Records contained in a dataset
§

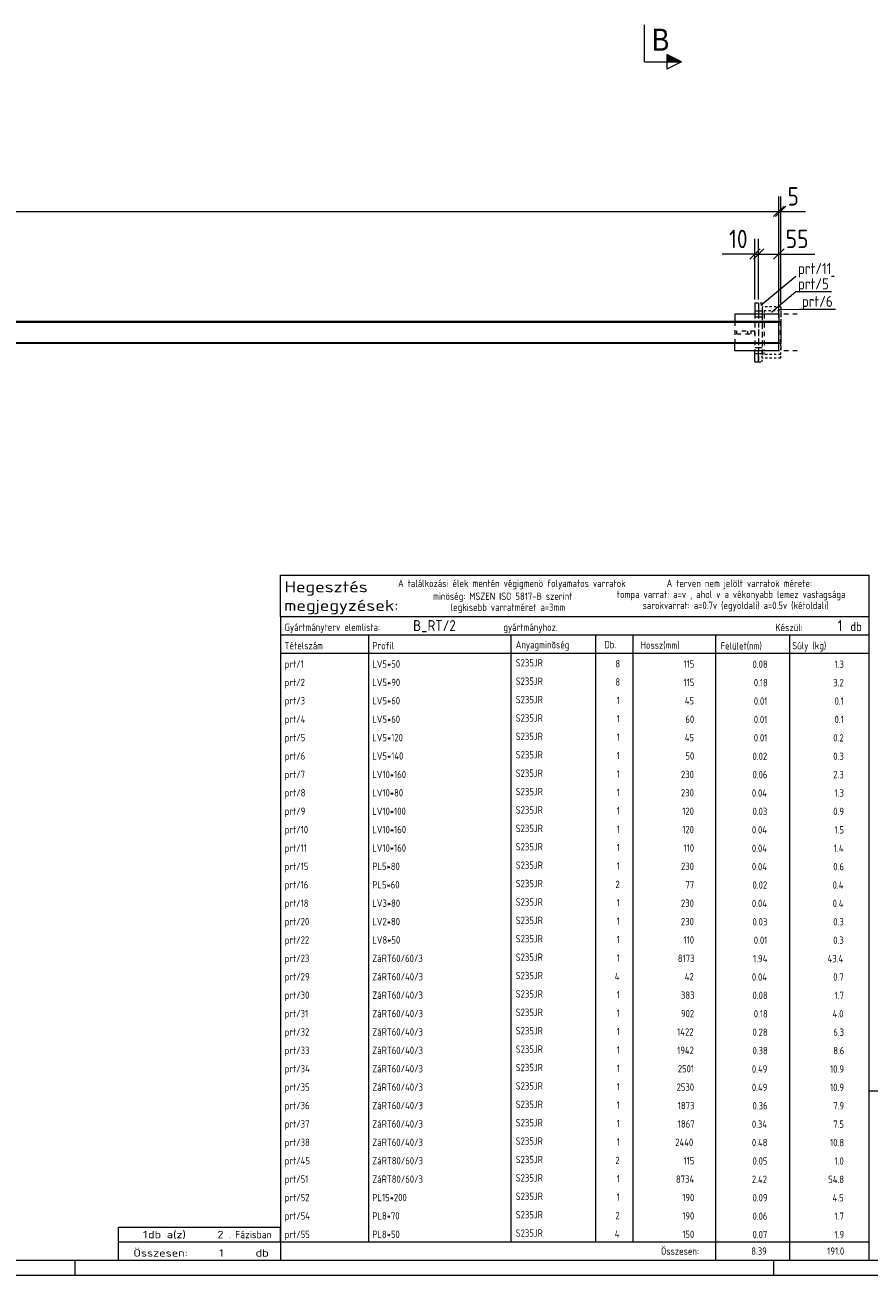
# Model space of a CAD drawing. Header units: millimetres. Extents: x 1 to 1188, y 1 to 840.
# Tile 3 of 6: x 794 to 1024, y 1 to 341. Entities that reach past the tile are written whole.
import ezdxf

# ---------------------------------------------------------------- set-up
doc = ezdxf.new("R2010")
doc.units = ezdxf.units.MM
doc.header["$LTSCALE"] = 0.6
for name, pattern in [('XKITLINE00', [0]), ('XKITLINE01', [4, 1, -1, 1, -1]), ('XKITLINE02', [4, 2, -2])]:
    doc.linetypes.add(name, pattern=pattern)
for name, color, linetype, lineweight in [('Bolt', 7, 'Continuous', 0), ('DrawingSheet', 5, 'Continuous', 0), ('OtherObjectType', 1, 'Continuous', 0), ('Part', 2, 'Continuous', 0), ('PartMark', 3, 'Continuous', 0), ('Section', 6, 'Continuous', 0), ('Z-DIMENSIONS', 1, 'Continuous', 0)]:
    doc.layers.add(name, color=color, linetype=linetype, lineweight=lineweight)
doc.styles.add('ARIAL', font='ARIAL.TTF')
doc.styles.add('ISOCPEUR', font='ISOCPEUR.TTF')

msp = doc.modelspace()

# ---------------------------------------------------------------- hatches: boundary and pattern name
at = {"layer": 'Section'}
msp.add_hatch(color=6, dxfattribs=at).paths.add_polyline_path([(968.89, 332.93), (972.89, 330.93), (968.89, 330.93)], flags=17)

# ---------------------------------------------------------------- linework, layer by layer
at = {"layer": 'Bolt', "color": 4, "linetype": 'XKITLINE02', "lineweight": 0}
for p, q in [((1004.39, 262.3), (989.89, 262.3)), ((993.89, 263.1), (992.89, 263.1)), ((994.89, 263.1), (993.89, 263.1)), ((993.89, 261.5), (992.89, 261.5)), ((994.89, 261.5), (993.89, 261.5)), ((1004.39, 252.3), (989.89, 252.3)), ((993.89, 253.1), (992.89, 253.1)), ((994.89, 253.1), (993.89, 253.1)), ((993.89, 251.5), (992.89, 251.5)), ((994.89, 251.5), (993.89, 251.5))]:
    msp.add_line(p, q, dxfattribs=at)
at = {"layer": 'DrawingSheet', "color": 3, "linetype": 'XKITLINE00', "lineweight": 0}
msp.add_line((5, 5), (1184, 5), dxfattribs=at)
at = {"layer": 'DrawingSheet', "color": 2, "linetype": 'XKITLINE00', "lineweight": 0}
for p, q in [((808, 1), (808, 5)), ((998, 1), (998, 5)), ((1, 1), (1188, 1))]:
    msp.add_line(p, q, dxfattribs=at)
at = {"layer": 'OtherObjectType', "color": 7, "linetype": 'XKITLINE00', "lineweight": 0}
for p, q in [((863.84, 180.09), (863.84, 191.34)), ((863.84, 191.34), (1023.84, 191.34)), ((1023.84, 191.34), (1023.84, 180.09)), ((863.84, 180.09), (1023.84, 180.09)), ((863.84, 180.09), (1023.84, 180.09)), ((863.84, 180.09), (863.84, 175.09)), ((1023.84, 180.09), (1023.84, 175.09)), ((863.84, 175.09), (1023.84, 175.09)), ((863.84, 175.09), (863.84, 170.09)), ((887.84, 175.09), (887.84, 170.09)), ((926.61, 170.09), (926.61, 175.09)), ((949.5, 175.09), (949.5, 170.09)), ((959.7, 175.09), (959.7, 170.21)), ((982.15, 175.09), (982.15, 170.09)), ((1002.33, 175.09), (1002.33, 170.09)), ((1023.84, 175.09), (1023.84, 170.09)), ((863.84, 170.09), (1023.84, 170.09)), ((863.84, 170.09), (863.84, 165.09)), ((887.84, 170.09), (887.84, 165.09)), ((926.61, 165.09), (926.61, 170.09)), ((949.5, 170.09), (949.5, 165.09)), ((959.67, 170.09), (959.67, 165.09)), ((982.18, 170.09), (982.18, 165.09)), ((1002.33, 170.09), (1002.33, 165.09)), ((1023.84, 170.09), (1023.84, 165.09)), ((863.84, 165.09), (863.84, 160.09)), ((887.84, 165.09), (887.84, 160.09)), ((926.61, 160.09), (926.61, 165.09)), ((949.5, 165.09), (949.5, 160.09)), ((959.67, 165.09), (959.67, 160.09)), ((982.18, 165.09), (982.18, 160.09)), ((1002.33, 165.09), (1002.33, 160.09)), ((1023.84, 165.09), (1023.84, 160.09)), ((863.84, 160.09), (863.84, 155.09)), ((887.84, 160.09), (887.84, 155.09)), ((926.61, 155.09), (926.61, 160.09)), ((949.5, 160.09), (949.5, 155.09)), ((959.67, 160.08), (959.67, 155.08)), ((982.18, 160.09), (982.18, 155.09)), ((1002.33, 160.09), (1002.33, 155.09)), ((1023.84, 160.09), (1023.84, 155.09)), ((863.84, 155.08), (863.84, 150.08)), ((887.84, 155.08), (887.84, 150.08)), ((926.61, 150.08), (926.61, 155.08)), ((949.5, 155.08), (949.5, 150.08)), ((959.67, 155.08), (959.67, 150.08)), ((982.18, 155.08), (982.18, 150.08)), ((1002.33, 155.08), (1002.33, 150.08)), ((1023.84, 155.08), (1023.84, 150.08)), ((863.84, 150.08), (863.84, 145.08)), ((887.84, 150.08), (887.84, 145.08)), ((926.61, 145.08), (926.61, 150.08)), ((949.5, 150.08), (949.5, 145.08)), ((959.67, 150.08), (959.67, 145.08)), ((982.18, 150.08), (982.18, 145.08)), ((1002.33, 150.08), (1002.33, 145.08)), ((1023.84, 150.08), (1023.84, 145.08)), ((863.84, 145.08), (863.84, 140.08)), ((887.84, 145.08), (887.84, 140.08)), ((926.61, 140.08), (926.61, 145.08)), ((949.5, 145.08), (949.5, 140.08)), ((959.67, 145.07), (959.67, 140.07)), ((982.18, 145.08), (982.18, 140.08)), ((1002.33, 145.08), (1002.33, 140.08)), ((1023.84, 145.08), (1023.84, 140.08)), ((863.84, 140.07), (863.84, 135.07)), ((887.84, 140.07), (887.84, 135.07)), ((926.61, 135.07), (926.61, 140.07)), ((949.5, 140.07), (949.5, 135.07)), ((959.67, 140.07), (959.67, 135.07)), ((982.18, 140.07), (982.18, 135.07)), ((1002.33, 140.07), (1002.33, 135.07)), ((1023.84, 140.07), (1023.84, 135.07)), ((863.84, 135.07), (863.84, 130.07)), ((887.84, 135.07), (887.84, 130.07)), ((926.61, 130.07), (926.61, 135.07)), ((949.5, 135.07), (949.5, 130.07)), ((959.67, 135.07), (959.67, 130.07)), ((982.18, 135.07), (982.18, 130.07)), ((1002.33, 135.07), (1002.33, 130.07)), ((1023.84, 135.07), (1023.84, 130.07)), ((863.84, 130.07), (863.84, 125.07)), ((887.84, 130.07), (887.84, 125.07)), ((926.61, 125.07), (926.61, 130.07)), ((949.5, 130.07), (949.5, 125.07)), ((959.67, 130.07), (959.67, 125.07)), ((982.18, 130.07), (982.18, 125.07)), ((1002.33, 130.07), (1002.33, 125.07)), ((1023.84, 130.07), (1023.84, 125.07)), ((863.84, 125.07), (863.84, 120.07)), ((887.84, 125.07), (887.84, 120.07)), ((926.61, 120.07), (926.61, 125.07)), ((949.5, 125.07), (949.5, 120.07)), ((959.67, 125.06), (959.67, 120.06)), ((982.18, 125.07), (982.18, 120.07)), ((1002.33, 125.07), (1002.33, 120.07)), ((1023.84, 125.07), (1023.84, 120.07)), ((863.84, 120.06), (863.84, 115.06)), ((887.84, 120.06), (887.84, 115.06)), ((926.61, 115.06), (926.61, 120.06)), ((949.5, 120.06), (949.5, 115.06)), ((959.67, 120.06), (959.67, 115.06)), ((982.18, 120.06), (982.18, 115.06)), ((1002.33, 120.06), (1002.33, 115.06)), ((1023.84, 120.06), (1023.84, 115.06)), ((863.84, 115.06), (863.84, 110.06)), ((887.84, 115.06), (887.84, 110.06)), ((926.61, 110.06), (926.61, 115.06)), ((949.5, 115.06), (949.5, 110.06)), ((959.67, 115.06), (959.67, 110.06)), ((982.18, 115.06), (982.18, 110.06)), ((1002.33, 115.06), (1002.33, 110.06)), ((1023.84, 115.06), (1023.84, 110.06)), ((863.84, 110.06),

§

— Problem requirements —
Retype only the stretch of lines above starting at the one with "for name, pattern" and stopping at the one with "color=color, linetype=linetype, lineweight=lineweight)", exactly as written, with both kept.

— Answer to this problem —
for name, pattern in [('XKITLINE00', [0]), ('XKITLINE01', [4, 1, -1, 1, -1]), ('XKITLINE02', [4, 2, -2])]:
    doc.linetypes.add(name, pattern=pattern)
for name, color, linetype, lineweight in [('Bolt', 7, 'Continuous', 0), ('DrawingSheet', 5, 'Continuous', 0), ('OtherObjectType', 1, 'Continuous', 0), ('Part', 2, 'Continuous', 0), ('PartMark', 3, 'Continuous', 0), ('Section', 6, 'Continuous', 0), ('Z-DIMENSIONS', 1, 'Continuous', 0)]:
    doc.layers.add(name, color=color, linetype=linetype, lineweight=lineweight)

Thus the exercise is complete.